== TO DO ==
Every line from the start of the entries up to and including the one bearing "model = None" must be printed verbatim, without the pictures.
[[ DATA FOR REVIEW open ]]
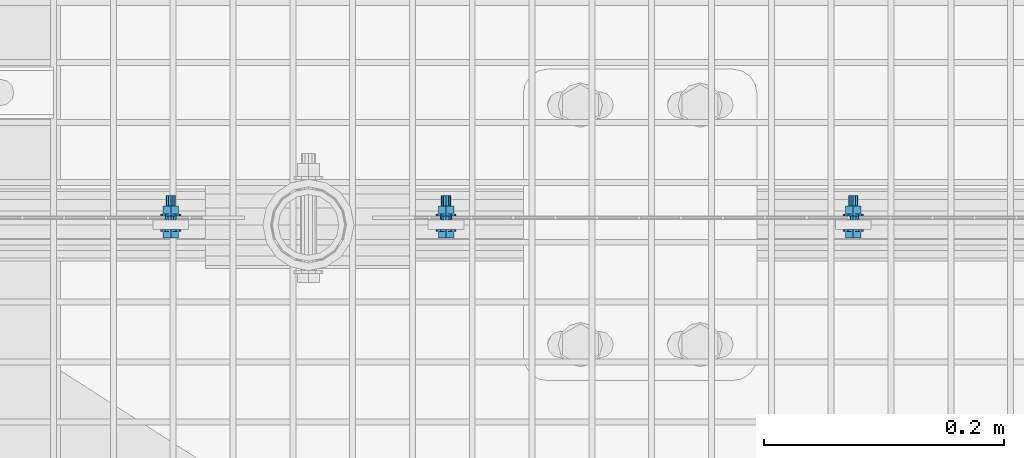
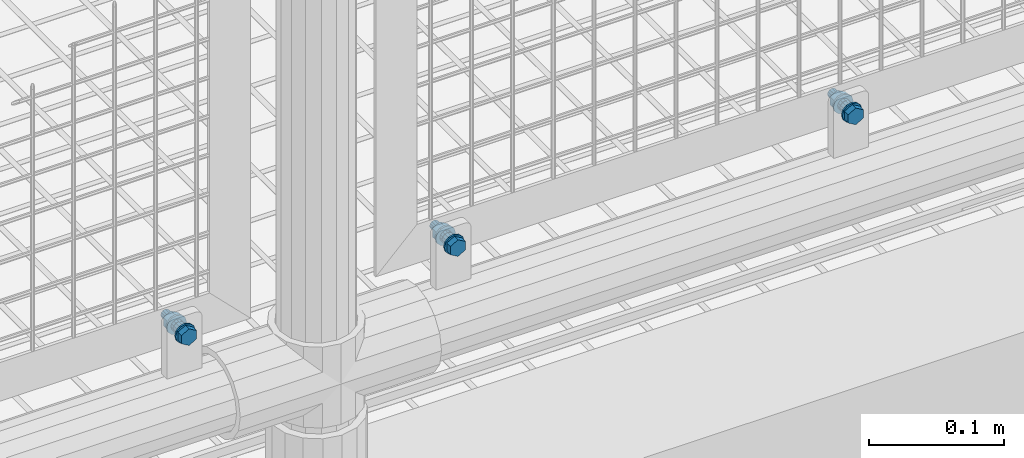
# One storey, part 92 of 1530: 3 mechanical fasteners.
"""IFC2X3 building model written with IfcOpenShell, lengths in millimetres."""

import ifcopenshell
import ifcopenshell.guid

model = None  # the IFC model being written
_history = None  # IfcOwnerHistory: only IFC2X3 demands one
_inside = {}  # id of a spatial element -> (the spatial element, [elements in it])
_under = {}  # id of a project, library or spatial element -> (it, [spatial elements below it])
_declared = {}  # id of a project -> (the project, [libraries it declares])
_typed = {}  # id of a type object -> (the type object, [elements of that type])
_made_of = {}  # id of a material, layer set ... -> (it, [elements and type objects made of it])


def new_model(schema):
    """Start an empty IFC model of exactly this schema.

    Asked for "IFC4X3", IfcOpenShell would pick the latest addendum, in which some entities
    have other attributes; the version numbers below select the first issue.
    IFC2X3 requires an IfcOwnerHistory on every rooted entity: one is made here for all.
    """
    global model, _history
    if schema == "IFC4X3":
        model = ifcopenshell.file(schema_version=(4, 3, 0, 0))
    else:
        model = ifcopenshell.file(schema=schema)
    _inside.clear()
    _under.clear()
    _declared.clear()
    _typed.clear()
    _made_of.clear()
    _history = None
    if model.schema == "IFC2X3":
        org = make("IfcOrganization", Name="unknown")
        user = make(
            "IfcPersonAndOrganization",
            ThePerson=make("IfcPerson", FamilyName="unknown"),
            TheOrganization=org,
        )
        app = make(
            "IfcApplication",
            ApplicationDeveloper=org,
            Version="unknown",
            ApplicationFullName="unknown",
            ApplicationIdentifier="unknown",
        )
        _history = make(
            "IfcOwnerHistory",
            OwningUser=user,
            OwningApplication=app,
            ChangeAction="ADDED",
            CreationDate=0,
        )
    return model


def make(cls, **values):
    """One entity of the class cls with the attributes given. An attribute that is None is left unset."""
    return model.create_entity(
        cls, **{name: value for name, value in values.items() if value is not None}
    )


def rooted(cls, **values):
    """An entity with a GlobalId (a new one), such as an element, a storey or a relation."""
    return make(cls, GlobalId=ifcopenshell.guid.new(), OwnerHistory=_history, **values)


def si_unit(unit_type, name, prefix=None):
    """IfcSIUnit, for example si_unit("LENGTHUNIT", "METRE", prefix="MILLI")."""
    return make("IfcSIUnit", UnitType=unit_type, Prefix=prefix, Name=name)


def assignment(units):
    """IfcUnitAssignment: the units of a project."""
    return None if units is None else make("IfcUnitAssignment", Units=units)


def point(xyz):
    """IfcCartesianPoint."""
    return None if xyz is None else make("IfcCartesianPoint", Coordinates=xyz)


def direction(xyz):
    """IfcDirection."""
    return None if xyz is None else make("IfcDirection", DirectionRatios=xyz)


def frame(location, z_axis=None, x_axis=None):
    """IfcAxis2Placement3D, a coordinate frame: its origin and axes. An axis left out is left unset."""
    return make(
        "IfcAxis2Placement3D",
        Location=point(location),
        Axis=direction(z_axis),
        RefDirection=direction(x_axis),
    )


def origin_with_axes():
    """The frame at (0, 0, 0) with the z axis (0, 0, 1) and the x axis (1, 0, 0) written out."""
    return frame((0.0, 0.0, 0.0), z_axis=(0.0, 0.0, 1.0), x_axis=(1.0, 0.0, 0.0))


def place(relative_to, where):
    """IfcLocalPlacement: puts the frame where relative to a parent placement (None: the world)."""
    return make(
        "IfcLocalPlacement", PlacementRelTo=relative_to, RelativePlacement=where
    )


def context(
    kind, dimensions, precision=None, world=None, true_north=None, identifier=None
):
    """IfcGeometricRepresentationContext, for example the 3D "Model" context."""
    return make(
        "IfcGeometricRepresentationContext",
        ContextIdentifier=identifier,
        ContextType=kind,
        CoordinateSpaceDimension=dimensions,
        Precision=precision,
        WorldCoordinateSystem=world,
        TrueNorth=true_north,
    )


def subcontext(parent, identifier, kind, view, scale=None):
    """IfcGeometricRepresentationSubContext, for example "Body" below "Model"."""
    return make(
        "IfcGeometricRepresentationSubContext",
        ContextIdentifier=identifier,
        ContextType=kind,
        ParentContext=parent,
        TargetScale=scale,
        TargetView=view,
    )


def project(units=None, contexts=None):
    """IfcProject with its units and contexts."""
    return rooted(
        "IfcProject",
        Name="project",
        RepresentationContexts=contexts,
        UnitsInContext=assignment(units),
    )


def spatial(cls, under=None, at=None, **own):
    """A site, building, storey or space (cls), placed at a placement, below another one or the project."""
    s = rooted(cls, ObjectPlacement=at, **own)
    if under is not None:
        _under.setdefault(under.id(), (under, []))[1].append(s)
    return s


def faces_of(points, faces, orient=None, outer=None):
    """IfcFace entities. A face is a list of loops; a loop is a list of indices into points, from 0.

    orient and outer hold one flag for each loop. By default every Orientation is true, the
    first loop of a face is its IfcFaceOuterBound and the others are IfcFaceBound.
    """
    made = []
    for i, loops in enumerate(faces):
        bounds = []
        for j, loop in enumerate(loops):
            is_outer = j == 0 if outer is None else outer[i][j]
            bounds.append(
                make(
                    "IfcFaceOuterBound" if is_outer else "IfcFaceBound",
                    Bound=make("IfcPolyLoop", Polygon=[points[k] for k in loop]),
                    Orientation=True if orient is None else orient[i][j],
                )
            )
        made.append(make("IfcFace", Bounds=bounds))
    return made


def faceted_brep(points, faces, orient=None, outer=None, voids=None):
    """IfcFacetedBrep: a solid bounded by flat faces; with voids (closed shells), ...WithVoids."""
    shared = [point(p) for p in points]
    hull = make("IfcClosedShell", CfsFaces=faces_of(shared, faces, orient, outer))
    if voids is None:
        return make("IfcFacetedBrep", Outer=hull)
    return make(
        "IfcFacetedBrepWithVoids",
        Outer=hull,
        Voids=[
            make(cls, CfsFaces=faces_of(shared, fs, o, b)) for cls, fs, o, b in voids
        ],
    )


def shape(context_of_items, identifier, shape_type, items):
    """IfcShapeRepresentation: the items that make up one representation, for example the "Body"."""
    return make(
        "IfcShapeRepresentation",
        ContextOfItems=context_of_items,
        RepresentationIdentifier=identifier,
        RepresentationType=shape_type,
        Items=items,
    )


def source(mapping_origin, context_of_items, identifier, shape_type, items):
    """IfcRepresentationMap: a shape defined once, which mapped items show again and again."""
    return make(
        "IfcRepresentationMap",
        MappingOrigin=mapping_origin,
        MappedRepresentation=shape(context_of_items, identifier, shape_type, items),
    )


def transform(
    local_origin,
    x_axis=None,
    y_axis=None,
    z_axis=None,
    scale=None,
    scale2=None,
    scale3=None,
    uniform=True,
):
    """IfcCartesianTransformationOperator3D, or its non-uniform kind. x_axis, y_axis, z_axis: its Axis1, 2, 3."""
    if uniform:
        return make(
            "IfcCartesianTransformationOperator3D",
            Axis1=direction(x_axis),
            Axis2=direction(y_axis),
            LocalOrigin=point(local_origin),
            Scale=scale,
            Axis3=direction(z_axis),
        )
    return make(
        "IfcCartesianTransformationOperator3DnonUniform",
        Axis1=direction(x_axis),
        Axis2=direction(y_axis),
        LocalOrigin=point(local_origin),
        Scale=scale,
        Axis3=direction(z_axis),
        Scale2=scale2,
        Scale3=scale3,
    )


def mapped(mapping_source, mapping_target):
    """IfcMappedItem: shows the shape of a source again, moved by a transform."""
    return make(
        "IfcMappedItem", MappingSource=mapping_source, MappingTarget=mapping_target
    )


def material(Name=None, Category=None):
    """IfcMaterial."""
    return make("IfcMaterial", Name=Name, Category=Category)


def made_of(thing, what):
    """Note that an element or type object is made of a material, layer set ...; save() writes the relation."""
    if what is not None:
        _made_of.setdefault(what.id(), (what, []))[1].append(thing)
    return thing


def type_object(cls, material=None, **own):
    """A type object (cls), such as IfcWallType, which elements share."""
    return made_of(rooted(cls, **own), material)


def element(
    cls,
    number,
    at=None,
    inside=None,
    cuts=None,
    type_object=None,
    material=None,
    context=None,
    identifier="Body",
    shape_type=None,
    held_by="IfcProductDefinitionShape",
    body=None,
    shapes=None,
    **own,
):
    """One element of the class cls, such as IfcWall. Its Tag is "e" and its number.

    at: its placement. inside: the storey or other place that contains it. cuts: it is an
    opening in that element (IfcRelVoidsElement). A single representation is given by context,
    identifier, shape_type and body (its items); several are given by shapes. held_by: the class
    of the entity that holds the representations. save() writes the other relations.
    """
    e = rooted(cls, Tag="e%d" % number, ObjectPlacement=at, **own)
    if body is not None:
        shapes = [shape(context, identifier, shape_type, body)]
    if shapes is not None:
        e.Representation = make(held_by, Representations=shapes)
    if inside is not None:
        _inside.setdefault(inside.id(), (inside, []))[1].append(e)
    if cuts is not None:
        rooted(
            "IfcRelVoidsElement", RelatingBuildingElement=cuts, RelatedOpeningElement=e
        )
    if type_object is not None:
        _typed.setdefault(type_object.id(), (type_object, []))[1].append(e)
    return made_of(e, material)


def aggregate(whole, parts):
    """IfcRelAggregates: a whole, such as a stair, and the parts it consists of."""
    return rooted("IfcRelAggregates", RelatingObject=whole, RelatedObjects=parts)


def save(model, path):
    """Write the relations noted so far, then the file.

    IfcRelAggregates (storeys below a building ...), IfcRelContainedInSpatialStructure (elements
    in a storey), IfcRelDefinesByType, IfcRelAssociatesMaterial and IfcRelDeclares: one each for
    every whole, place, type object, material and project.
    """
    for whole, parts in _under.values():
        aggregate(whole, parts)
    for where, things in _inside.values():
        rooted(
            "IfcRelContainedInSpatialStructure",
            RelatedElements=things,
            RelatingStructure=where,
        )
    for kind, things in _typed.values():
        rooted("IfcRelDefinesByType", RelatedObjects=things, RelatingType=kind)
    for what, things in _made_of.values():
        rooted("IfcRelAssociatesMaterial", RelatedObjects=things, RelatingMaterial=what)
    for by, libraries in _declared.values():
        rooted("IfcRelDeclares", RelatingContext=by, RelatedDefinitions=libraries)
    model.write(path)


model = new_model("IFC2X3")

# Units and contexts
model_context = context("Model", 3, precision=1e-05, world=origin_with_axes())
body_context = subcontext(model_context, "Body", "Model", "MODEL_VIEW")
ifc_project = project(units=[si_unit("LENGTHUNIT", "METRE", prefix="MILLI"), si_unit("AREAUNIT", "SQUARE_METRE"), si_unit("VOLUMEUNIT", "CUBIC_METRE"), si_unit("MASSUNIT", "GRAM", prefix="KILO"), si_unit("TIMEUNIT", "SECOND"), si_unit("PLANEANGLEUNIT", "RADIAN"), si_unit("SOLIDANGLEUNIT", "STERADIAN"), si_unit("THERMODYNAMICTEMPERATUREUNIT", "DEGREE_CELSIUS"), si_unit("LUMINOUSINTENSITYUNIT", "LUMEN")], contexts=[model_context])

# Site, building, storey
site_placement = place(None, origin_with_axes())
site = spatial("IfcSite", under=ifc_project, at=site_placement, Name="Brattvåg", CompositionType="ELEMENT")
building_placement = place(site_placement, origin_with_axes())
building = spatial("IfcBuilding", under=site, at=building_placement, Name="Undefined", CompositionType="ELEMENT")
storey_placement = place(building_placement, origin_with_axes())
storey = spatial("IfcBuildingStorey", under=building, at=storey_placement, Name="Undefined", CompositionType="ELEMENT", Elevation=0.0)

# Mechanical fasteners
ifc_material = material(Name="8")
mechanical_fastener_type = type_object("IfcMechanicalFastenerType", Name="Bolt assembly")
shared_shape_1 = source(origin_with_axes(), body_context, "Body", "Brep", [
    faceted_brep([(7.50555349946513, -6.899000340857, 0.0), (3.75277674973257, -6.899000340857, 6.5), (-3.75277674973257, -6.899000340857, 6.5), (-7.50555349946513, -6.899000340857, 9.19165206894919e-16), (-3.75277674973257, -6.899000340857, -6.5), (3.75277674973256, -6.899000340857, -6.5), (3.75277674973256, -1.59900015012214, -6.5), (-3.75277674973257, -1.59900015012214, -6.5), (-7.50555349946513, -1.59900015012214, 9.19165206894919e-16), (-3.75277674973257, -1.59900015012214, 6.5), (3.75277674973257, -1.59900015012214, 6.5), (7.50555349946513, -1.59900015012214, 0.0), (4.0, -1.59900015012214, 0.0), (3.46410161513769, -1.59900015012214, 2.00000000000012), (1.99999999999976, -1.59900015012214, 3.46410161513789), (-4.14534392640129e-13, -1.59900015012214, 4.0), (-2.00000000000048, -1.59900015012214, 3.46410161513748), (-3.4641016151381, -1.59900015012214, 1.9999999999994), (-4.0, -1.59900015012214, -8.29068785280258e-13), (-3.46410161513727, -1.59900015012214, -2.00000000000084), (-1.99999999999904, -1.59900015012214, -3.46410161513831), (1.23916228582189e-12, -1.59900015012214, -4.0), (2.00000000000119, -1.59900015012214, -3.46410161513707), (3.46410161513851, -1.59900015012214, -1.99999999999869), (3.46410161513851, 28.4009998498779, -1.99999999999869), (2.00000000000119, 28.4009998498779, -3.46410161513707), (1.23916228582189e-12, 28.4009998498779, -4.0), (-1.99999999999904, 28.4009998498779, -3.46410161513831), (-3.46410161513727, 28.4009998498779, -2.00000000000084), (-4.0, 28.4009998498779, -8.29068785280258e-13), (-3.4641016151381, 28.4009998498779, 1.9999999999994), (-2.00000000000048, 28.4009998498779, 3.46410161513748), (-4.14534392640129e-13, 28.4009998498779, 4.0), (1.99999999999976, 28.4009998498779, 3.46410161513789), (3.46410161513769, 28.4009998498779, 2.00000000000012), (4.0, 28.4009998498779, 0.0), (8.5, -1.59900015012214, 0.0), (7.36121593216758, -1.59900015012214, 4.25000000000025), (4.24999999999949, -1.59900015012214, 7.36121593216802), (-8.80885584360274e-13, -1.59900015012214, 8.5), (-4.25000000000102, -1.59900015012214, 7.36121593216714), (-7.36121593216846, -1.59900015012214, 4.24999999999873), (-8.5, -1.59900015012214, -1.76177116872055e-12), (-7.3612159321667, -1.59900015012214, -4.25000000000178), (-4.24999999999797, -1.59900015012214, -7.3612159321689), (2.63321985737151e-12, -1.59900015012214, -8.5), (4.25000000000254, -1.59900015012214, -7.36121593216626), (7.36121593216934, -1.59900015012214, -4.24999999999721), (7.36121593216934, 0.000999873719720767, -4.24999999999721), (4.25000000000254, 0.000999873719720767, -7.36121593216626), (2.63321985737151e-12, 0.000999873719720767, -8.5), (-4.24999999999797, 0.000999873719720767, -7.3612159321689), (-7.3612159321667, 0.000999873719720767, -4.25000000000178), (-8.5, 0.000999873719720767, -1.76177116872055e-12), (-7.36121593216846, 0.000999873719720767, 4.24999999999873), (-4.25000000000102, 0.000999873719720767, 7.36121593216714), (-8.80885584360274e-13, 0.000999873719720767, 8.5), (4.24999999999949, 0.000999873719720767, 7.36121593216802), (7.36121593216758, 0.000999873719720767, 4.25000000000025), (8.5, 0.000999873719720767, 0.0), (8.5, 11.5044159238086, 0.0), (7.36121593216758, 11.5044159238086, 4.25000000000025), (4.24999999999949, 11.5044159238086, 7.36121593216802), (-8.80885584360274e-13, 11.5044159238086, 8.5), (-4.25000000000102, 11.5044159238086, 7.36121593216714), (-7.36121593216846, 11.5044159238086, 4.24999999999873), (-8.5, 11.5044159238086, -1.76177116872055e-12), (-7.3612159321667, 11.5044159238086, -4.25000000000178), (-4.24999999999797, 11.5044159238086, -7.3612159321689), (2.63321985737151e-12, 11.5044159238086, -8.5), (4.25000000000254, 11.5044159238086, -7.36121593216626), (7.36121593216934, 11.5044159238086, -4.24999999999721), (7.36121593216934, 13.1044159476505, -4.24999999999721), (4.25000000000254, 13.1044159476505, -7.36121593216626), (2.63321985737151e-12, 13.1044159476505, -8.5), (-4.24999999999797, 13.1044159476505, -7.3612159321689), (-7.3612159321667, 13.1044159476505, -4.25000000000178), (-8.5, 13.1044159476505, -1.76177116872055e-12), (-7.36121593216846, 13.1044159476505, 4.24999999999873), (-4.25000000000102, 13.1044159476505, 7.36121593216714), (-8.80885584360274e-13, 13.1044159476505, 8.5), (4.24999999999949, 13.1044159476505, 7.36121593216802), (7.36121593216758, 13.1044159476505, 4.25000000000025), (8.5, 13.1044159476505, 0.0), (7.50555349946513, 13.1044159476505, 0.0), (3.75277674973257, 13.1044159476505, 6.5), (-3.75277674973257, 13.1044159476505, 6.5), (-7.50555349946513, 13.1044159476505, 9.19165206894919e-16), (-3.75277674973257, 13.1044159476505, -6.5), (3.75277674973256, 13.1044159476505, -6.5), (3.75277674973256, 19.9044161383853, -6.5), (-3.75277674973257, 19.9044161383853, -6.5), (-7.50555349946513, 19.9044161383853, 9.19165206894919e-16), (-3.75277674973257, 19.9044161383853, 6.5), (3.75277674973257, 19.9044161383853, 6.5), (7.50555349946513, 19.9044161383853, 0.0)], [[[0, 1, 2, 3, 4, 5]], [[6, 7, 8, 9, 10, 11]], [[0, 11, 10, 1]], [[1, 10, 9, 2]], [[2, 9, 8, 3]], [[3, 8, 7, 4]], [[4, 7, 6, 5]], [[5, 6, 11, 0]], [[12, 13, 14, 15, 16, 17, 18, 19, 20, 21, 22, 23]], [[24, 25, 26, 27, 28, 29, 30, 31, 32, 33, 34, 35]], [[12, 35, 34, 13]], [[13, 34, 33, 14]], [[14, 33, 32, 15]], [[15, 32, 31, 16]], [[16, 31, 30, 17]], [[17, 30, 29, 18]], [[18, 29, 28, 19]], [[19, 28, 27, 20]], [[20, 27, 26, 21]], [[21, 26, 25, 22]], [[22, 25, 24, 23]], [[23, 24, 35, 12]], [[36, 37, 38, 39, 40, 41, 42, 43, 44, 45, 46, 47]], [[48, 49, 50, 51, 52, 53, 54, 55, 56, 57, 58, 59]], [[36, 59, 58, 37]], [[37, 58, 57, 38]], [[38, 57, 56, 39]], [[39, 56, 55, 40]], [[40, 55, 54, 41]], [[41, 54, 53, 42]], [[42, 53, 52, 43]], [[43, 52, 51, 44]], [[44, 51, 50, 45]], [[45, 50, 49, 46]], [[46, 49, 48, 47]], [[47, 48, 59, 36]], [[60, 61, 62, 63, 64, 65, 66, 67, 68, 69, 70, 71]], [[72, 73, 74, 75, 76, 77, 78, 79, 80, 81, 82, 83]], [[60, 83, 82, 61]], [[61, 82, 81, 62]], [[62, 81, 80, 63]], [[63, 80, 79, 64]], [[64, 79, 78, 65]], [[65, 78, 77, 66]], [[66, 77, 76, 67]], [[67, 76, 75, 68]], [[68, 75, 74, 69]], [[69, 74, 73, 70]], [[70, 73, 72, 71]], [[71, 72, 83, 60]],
[[ DATA FOR REVIEW closed ]]
== OUTPUT BELOW ==
# One storey, part 92 of 1530: 3 mechanical fasteners.
"""IFC2X3 building model written with IfcOpenShell, lengths in millimetres."""

import ifcopenshell
import ifcopenshell.guid

model = None  # the IFC model being written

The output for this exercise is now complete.